> **Problem to work on**
In the data below, find the line containing "msp.add_lwpolyline(points, dxfattribs=at)"; reproduce that line and all subsequent lines exactly, and nothing else.

[Stored records]
━━━━━━━━━━
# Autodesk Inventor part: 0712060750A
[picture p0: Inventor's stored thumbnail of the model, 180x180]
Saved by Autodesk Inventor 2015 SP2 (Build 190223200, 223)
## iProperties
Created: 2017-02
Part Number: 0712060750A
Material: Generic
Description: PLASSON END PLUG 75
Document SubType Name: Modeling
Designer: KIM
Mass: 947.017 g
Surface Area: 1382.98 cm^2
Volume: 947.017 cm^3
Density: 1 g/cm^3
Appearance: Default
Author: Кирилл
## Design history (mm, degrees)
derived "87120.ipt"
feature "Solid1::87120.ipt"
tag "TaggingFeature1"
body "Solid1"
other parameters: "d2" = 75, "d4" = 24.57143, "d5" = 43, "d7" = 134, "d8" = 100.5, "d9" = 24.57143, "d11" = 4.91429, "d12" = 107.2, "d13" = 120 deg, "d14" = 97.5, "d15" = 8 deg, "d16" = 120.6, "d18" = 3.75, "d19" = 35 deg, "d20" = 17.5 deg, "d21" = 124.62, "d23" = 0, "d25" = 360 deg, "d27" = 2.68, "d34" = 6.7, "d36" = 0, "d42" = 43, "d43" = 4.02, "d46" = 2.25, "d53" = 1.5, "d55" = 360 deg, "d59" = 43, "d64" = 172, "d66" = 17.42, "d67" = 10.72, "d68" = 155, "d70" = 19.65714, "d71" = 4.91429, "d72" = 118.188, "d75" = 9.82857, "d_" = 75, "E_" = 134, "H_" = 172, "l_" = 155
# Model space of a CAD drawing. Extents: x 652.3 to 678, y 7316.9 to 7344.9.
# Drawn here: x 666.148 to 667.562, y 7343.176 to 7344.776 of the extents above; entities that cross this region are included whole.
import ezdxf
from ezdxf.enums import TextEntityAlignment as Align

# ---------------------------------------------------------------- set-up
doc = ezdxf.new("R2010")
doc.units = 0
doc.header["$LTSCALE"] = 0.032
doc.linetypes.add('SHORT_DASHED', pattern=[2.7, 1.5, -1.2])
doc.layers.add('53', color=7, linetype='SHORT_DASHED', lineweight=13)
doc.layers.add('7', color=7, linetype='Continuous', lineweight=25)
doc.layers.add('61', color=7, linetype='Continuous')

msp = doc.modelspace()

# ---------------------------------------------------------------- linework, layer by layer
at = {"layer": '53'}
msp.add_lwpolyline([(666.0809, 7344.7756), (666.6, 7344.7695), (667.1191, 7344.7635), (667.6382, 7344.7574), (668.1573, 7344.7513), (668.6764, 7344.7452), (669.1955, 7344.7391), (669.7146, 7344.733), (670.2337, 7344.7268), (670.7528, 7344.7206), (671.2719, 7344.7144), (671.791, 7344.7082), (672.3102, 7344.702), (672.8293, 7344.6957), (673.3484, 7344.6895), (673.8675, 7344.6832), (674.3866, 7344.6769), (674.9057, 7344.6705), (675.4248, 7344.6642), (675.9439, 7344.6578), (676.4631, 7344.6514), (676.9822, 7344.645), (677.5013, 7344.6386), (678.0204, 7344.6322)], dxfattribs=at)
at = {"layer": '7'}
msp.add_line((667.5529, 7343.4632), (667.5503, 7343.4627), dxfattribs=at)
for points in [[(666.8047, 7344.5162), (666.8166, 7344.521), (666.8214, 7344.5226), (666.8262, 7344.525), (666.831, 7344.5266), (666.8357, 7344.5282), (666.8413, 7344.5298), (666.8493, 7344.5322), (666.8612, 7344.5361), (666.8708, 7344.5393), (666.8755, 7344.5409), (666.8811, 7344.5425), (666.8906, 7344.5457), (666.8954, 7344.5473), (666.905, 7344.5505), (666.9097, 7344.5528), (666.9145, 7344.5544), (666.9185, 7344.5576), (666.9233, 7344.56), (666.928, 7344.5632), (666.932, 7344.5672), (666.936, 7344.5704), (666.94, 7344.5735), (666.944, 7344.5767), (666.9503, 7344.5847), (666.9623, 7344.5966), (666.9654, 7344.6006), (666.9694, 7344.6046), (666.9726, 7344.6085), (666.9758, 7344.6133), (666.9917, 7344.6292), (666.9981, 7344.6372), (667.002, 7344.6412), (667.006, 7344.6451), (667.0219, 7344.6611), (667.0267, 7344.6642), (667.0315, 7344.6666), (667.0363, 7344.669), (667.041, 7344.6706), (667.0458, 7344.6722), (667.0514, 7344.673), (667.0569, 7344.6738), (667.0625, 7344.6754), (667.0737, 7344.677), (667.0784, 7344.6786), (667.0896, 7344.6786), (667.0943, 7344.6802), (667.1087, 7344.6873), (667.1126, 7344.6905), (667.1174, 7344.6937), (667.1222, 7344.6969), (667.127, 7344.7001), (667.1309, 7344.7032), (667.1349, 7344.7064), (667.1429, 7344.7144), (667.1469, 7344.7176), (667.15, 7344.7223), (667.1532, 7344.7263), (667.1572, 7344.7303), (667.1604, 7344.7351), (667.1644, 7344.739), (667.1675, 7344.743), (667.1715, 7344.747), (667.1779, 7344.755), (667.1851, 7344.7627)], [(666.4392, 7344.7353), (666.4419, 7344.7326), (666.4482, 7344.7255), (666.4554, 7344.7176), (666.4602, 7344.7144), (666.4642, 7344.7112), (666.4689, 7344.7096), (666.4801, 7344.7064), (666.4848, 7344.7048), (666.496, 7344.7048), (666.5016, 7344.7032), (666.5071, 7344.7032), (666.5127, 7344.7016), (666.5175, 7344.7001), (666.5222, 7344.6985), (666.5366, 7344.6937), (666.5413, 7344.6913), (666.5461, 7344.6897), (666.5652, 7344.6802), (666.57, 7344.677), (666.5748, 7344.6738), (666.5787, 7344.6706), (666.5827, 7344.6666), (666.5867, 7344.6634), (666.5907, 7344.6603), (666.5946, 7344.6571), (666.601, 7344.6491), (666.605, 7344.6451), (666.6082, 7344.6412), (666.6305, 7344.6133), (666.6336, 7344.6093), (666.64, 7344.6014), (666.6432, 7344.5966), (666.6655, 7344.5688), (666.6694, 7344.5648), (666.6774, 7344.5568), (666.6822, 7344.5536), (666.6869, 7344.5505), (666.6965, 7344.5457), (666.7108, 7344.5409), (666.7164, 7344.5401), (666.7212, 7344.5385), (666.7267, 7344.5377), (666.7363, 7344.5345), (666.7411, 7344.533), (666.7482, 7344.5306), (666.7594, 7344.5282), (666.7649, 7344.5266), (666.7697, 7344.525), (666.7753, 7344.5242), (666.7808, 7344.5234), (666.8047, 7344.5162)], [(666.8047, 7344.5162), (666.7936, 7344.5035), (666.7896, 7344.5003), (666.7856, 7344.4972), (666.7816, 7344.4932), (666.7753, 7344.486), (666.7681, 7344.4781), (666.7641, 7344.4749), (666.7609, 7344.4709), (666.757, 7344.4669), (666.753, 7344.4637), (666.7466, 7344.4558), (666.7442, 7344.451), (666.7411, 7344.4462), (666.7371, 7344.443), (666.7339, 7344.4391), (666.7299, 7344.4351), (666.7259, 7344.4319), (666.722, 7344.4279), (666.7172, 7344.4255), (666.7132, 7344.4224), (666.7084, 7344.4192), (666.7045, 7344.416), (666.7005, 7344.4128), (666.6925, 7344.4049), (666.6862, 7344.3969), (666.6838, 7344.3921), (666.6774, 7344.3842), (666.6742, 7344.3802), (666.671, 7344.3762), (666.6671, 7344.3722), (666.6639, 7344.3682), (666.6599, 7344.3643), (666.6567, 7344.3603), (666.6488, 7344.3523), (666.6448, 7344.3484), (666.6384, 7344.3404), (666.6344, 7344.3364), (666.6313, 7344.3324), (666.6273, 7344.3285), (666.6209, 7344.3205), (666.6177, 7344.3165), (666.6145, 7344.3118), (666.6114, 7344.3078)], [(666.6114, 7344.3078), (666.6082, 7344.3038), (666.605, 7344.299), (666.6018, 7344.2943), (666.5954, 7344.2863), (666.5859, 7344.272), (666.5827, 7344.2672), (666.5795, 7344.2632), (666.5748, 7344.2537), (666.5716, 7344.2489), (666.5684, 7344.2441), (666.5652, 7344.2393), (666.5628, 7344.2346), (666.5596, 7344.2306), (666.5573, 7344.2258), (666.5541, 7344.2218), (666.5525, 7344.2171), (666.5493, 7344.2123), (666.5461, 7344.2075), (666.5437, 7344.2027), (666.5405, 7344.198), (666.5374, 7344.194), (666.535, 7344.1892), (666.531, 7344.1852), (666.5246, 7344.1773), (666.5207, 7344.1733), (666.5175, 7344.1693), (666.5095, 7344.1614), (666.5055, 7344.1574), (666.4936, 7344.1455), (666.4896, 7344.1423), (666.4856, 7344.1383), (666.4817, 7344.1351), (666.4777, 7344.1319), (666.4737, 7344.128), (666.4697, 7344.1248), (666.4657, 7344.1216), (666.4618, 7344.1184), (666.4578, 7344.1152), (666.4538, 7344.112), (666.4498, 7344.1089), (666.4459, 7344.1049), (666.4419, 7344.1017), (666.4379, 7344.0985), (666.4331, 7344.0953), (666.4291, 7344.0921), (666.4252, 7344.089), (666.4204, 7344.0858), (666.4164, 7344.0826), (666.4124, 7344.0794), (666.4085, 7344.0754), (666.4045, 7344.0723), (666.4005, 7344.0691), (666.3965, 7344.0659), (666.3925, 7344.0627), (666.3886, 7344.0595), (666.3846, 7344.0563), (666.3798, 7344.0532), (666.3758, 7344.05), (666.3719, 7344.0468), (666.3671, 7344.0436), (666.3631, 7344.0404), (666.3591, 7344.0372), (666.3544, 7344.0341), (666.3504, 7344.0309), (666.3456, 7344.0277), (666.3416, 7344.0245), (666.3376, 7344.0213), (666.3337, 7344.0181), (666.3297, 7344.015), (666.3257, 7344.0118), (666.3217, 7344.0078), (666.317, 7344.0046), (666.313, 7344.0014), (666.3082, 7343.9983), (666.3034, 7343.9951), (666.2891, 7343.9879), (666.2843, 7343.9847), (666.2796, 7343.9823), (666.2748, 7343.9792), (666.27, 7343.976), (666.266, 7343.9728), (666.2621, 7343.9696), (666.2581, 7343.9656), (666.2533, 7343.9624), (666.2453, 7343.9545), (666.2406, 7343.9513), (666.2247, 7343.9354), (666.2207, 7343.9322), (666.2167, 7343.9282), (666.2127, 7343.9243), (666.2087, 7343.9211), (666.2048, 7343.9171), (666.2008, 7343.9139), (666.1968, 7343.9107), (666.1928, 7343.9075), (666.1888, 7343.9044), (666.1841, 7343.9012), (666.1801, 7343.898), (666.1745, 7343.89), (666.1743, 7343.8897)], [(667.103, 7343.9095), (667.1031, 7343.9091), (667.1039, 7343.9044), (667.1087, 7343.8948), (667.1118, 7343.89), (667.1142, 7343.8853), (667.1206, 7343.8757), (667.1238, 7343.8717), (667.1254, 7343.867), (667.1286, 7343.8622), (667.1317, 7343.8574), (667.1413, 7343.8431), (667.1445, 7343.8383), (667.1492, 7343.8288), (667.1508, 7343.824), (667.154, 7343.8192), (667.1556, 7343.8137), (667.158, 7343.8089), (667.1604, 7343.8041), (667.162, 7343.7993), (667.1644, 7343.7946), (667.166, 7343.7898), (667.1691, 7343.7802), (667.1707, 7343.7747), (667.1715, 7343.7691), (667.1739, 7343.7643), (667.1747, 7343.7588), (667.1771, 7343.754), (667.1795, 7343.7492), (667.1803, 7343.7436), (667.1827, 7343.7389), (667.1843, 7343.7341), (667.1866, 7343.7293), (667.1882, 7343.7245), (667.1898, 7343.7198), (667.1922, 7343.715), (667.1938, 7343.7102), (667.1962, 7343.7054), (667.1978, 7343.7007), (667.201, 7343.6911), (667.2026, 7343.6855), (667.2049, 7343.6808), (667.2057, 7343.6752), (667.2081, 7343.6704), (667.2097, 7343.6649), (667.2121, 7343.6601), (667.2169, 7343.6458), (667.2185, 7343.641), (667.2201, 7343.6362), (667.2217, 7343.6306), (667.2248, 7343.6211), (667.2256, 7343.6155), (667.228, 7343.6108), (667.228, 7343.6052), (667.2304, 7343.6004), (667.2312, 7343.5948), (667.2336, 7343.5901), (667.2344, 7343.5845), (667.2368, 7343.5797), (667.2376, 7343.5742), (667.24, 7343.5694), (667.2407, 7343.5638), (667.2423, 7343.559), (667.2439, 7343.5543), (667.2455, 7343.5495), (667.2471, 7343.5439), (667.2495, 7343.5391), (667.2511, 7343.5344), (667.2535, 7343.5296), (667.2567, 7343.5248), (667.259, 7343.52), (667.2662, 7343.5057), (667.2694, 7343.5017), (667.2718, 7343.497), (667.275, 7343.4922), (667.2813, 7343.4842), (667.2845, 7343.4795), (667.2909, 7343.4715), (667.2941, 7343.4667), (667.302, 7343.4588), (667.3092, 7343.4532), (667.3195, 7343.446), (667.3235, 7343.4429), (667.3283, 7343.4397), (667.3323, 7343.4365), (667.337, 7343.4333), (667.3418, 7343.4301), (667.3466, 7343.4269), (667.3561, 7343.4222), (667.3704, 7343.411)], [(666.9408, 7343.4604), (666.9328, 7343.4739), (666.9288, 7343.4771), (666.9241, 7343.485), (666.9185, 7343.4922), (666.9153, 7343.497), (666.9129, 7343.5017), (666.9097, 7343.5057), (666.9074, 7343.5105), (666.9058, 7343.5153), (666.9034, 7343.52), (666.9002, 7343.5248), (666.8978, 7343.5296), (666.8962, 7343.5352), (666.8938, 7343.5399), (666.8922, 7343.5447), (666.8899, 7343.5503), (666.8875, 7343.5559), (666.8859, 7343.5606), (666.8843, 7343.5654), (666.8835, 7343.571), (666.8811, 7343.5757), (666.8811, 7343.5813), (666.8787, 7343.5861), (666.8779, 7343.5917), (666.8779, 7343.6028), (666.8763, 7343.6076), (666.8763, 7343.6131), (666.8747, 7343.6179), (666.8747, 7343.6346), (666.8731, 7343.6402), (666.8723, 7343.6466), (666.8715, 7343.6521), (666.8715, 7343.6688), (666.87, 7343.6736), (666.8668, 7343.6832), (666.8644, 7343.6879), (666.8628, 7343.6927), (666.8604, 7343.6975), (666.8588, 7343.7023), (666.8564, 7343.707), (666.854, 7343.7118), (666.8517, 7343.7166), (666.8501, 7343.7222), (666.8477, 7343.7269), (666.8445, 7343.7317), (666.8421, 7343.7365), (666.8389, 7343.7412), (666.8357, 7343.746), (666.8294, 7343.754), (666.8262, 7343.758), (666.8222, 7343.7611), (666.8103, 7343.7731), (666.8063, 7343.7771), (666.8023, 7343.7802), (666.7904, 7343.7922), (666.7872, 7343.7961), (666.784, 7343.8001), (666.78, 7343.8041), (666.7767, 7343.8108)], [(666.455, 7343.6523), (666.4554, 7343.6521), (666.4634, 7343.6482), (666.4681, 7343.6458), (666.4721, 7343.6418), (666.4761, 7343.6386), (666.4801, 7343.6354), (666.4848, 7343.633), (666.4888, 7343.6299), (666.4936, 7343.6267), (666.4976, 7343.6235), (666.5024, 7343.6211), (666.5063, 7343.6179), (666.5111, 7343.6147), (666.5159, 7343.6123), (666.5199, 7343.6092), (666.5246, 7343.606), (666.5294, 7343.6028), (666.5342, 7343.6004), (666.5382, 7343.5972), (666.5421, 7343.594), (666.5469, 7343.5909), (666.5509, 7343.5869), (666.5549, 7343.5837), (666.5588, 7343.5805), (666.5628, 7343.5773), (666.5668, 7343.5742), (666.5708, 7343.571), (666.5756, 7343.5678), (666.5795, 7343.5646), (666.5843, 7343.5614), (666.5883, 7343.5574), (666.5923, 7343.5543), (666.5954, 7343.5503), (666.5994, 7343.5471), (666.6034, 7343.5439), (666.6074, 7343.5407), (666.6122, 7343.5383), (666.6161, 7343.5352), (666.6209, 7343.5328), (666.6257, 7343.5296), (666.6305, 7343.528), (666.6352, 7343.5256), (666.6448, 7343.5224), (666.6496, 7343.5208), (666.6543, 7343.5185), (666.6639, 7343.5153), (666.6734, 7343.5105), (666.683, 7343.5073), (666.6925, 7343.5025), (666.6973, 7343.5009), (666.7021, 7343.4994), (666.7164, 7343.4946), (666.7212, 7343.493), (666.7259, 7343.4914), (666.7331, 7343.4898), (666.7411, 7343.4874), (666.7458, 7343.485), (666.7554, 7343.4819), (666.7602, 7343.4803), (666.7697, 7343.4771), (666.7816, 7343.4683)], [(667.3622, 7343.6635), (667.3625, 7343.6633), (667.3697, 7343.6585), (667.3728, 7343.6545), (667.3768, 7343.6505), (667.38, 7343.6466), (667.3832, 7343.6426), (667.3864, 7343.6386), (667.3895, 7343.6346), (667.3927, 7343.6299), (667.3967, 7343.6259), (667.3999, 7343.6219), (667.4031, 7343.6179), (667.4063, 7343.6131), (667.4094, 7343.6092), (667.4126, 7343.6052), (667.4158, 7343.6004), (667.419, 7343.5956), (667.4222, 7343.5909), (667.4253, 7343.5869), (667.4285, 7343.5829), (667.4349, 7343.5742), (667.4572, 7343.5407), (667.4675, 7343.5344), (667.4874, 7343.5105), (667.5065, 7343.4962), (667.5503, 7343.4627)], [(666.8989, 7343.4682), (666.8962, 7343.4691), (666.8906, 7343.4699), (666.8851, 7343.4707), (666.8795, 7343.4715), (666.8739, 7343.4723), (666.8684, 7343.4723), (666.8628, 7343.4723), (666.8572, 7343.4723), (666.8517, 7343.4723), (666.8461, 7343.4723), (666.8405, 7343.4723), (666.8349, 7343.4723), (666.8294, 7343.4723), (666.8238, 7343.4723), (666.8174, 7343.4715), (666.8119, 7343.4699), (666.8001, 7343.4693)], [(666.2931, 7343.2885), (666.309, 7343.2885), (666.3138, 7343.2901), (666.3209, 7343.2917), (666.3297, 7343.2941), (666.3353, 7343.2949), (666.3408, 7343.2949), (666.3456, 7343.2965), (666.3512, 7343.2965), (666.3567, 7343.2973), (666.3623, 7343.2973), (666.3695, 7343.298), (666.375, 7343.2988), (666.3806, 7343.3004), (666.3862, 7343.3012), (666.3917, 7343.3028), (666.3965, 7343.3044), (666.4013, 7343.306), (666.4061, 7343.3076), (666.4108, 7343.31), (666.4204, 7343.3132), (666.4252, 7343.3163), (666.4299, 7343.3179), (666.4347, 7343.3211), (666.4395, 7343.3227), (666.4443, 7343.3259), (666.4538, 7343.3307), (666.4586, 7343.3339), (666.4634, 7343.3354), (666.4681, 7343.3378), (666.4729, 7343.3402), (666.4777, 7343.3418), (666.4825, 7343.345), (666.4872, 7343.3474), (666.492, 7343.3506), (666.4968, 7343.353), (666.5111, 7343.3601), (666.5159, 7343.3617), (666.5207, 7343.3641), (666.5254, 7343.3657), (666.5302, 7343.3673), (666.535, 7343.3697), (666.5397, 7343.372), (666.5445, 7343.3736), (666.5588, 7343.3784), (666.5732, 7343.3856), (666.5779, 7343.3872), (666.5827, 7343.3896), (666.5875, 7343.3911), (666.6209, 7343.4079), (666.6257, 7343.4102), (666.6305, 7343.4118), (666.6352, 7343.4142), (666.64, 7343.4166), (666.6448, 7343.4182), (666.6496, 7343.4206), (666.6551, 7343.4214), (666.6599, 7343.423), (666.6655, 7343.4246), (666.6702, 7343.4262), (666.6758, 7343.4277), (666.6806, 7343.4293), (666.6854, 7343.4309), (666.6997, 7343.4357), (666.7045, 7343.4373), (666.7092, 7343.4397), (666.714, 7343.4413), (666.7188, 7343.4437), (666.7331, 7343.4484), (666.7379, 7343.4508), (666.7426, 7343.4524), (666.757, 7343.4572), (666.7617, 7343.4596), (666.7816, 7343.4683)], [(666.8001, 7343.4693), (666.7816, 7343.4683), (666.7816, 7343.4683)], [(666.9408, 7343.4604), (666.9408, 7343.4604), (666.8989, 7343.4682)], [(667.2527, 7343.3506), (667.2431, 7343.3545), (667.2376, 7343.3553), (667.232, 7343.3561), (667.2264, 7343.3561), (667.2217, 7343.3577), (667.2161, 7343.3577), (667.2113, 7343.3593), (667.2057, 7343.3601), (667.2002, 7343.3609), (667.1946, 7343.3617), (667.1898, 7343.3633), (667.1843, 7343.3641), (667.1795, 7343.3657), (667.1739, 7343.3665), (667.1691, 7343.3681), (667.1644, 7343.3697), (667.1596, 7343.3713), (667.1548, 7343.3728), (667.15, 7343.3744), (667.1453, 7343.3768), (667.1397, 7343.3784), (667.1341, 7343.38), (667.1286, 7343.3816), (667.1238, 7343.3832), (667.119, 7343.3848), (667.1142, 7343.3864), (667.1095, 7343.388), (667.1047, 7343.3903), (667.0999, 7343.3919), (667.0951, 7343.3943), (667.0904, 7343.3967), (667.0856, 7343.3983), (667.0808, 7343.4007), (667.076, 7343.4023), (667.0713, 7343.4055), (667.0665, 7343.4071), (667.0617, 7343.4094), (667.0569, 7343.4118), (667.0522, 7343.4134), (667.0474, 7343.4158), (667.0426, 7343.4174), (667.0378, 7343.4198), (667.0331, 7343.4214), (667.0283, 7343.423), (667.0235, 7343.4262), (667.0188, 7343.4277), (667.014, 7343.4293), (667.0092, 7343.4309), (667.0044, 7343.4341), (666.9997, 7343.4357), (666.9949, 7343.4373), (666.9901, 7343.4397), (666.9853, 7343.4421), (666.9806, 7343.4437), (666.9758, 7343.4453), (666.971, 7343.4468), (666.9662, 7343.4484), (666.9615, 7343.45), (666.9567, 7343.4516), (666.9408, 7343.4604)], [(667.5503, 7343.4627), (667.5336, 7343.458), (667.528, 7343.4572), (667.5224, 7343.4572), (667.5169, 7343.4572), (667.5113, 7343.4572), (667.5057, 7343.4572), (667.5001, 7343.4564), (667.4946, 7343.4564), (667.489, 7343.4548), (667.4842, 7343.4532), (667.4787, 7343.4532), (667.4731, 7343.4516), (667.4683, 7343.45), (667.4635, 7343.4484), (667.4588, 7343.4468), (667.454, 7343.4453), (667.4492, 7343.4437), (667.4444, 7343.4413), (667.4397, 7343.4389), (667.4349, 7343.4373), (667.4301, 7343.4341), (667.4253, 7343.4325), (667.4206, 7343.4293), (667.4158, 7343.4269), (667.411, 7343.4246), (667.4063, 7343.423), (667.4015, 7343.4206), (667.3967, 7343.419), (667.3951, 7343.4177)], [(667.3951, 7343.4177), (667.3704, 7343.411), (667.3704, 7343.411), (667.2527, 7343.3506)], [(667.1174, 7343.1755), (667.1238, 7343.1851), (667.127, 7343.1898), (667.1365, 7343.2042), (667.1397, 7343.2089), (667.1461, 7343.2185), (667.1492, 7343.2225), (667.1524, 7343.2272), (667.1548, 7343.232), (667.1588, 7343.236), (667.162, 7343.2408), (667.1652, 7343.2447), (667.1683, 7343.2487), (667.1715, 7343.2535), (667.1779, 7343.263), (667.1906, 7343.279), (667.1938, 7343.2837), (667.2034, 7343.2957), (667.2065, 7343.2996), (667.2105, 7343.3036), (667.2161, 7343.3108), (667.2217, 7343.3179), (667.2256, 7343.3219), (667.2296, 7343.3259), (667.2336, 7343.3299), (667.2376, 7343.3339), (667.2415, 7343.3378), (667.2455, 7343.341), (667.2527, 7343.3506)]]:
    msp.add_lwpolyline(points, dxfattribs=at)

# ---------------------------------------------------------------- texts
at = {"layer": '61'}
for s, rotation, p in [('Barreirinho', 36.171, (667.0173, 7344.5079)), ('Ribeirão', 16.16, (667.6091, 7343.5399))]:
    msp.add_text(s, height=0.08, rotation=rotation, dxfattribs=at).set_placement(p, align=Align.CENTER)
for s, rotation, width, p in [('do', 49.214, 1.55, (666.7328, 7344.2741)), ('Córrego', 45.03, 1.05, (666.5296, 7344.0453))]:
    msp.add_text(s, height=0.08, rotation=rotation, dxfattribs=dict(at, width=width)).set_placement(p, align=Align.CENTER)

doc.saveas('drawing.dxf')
━━━━━━━━━━
> **Exercise output**
    msp.add_lwpolyline(points, dxfattribs=at)

# ---------------------------------------------------------------- texts
at = {"layer": '61'}
for s, rotation, p in [('Barreirinho', 36.171, (667.0173, 7344.5079)), ('Ribeirão', 16.16, (667.6091, 7343.5399))]:
    msp.add_text(s, height=0.08, rotation=rotation, dxfattribs=at).set_placement(p, align=Align.CENTER)
for s, rotation, width, p in [('do', 49.214, 1.55, (666.7328, 7344.2741)), ('Córrego', 45.03, 1.05, (666.5296, 7344.0453))]:
    msp.add_text(s, height=0.08, rotation=rotation, dxfattribs=dict(at, width=width)).set_placement(p, align=Align.CENTER)

doc.saveas('drawing.dxf')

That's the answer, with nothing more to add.